* [TASK OBJECTIVE]
Where does "Raster" appear in the data? Return each line that holds it.

DATA SHOWN below:

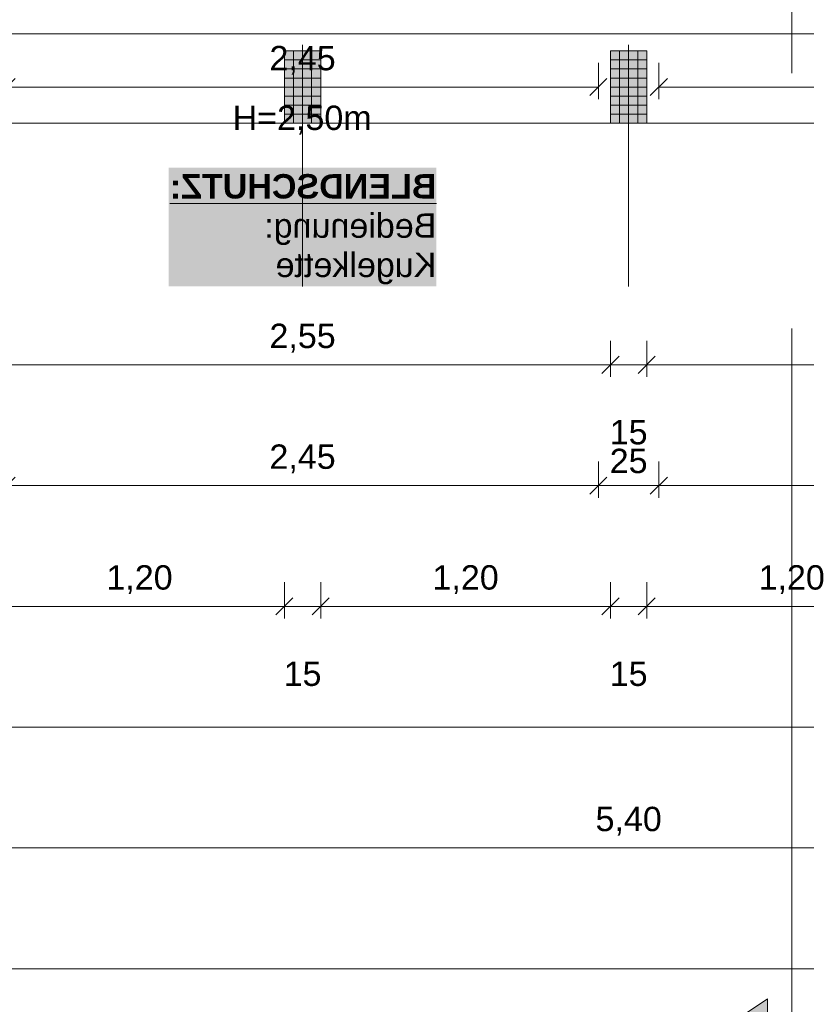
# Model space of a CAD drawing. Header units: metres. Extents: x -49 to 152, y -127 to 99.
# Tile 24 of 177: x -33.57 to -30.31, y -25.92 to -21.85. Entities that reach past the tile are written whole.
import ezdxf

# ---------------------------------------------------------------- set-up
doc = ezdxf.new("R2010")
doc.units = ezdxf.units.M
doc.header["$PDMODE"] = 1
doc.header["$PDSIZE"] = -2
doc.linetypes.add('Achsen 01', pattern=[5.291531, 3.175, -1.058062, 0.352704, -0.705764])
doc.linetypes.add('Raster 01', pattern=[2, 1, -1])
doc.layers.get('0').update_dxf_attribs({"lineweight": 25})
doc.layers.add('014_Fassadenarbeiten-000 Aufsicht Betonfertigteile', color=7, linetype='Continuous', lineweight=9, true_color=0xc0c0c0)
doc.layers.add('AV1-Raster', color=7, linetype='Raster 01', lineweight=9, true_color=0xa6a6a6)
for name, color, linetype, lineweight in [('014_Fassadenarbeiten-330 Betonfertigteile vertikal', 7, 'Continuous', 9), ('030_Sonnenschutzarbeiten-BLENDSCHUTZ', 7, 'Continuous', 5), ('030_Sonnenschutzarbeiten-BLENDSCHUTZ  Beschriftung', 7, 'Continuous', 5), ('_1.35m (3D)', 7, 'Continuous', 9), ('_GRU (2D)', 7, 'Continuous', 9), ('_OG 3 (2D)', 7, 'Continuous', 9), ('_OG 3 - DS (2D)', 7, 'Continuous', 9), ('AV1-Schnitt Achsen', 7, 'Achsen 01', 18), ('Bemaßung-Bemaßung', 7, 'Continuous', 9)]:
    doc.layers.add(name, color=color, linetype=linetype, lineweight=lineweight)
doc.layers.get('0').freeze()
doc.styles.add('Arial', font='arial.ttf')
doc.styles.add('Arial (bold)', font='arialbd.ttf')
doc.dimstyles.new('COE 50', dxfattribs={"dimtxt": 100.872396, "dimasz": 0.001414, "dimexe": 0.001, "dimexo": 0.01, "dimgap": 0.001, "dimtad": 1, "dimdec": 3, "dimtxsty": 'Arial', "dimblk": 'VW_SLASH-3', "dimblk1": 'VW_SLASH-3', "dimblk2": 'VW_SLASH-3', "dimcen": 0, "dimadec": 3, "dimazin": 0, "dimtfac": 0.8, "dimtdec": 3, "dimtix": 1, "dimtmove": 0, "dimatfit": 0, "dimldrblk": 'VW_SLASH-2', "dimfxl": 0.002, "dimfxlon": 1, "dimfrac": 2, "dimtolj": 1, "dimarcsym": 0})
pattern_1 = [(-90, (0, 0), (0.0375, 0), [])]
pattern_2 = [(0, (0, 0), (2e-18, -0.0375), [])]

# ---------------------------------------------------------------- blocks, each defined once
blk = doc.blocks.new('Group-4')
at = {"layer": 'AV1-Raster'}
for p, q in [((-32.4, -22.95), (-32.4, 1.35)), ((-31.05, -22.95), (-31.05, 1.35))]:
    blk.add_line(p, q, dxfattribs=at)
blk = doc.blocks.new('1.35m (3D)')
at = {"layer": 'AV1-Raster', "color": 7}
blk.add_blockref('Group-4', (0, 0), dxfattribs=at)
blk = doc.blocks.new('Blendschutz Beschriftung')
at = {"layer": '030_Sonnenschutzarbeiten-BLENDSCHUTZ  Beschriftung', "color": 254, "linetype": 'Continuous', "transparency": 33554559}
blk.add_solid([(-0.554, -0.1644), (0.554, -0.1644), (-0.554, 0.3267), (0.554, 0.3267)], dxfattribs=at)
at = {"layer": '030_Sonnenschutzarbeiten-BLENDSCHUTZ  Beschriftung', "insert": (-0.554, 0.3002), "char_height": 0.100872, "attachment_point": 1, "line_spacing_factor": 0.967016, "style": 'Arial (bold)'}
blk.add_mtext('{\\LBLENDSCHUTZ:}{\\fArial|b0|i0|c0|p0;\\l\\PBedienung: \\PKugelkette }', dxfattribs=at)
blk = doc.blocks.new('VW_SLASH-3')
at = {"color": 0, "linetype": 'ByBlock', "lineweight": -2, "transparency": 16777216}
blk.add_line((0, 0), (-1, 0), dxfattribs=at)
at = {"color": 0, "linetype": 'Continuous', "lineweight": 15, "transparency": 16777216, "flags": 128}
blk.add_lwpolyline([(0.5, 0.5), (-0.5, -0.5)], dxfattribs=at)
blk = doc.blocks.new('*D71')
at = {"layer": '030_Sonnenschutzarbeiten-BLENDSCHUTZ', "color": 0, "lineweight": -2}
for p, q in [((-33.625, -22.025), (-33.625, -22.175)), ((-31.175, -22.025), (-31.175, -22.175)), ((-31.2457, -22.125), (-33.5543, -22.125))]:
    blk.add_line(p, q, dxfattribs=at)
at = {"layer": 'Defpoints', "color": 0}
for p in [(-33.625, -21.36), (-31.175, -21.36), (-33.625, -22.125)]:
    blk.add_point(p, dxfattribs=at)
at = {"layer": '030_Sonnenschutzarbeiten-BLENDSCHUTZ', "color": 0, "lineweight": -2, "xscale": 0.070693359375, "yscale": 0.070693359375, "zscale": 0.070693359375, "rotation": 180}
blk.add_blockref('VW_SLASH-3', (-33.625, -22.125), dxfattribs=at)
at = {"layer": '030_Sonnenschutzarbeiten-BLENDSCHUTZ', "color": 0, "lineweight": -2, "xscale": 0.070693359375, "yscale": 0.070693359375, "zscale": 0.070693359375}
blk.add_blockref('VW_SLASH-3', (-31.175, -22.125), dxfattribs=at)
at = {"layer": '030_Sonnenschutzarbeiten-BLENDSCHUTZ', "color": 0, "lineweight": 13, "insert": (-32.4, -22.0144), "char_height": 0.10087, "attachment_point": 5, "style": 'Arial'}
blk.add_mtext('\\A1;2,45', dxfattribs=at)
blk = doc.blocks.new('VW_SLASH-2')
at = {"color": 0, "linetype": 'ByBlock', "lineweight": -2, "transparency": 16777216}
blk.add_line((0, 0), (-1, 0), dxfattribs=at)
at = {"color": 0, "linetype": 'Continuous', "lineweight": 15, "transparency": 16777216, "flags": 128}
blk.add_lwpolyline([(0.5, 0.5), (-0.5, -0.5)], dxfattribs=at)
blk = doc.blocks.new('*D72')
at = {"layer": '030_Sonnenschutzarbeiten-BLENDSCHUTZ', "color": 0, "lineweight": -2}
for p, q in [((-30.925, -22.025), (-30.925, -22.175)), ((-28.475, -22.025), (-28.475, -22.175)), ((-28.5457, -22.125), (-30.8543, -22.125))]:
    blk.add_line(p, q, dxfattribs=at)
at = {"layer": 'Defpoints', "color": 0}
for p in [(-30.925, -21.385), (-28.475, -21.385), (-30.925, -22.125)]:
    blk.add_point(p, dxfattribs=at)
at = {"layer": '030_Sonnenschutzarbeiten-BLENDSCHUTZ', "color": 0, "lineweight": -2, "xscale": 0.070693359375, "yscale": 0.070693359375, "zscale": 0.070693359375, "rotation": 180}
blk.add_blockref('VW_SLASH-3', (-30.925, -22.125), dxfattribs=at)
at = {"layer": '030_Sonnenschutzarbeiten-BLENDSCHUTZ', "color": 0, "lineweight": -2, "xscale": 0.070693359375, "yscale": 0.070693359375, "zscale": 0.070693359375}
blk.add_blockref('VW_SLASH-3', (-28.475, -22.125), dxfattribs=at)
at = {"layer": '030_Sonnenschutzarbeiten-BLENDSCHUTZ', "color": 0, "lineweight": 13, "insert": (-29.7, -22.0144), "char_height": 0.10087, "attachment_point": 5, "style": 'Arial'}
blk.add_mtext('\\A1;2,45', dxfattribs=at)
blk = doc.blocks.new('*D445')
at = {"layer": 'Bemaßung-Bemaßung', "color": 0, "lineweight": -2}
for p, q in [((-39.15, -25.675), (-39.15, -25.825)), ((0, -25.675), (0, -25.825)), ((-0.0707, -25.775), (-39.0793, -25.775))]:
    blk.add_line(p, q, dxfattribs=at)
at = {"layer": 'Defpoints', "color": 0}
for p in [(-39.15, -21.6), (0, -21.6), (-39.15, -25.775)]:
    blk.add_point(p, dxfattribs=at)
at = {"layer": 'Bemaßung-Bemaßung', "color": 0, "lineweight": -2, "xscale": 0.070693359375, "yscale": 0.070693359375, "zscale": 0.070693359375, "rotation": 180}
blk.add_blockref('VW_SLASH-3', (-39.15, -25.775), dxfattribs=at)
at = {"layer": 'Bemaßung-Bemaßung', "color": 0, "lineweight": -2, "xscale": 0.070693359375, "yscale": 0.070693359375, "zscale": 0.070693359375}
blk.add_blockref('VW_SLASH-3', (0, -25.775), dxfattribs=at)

End of DATA SHOWN.

* [EXERCISE ANSWER]
doc.linetypes.add('Raster 01', pattern=[2, 1, -1])
doc.layers.add('AV1-Raster', color=7, linetype='Raster 01', lineweight=9, true_color=0xa6a6a6)
at = {"layer": 'AV1-Raster'}
at = {"layer": 'AV1-Raster', "color": 7}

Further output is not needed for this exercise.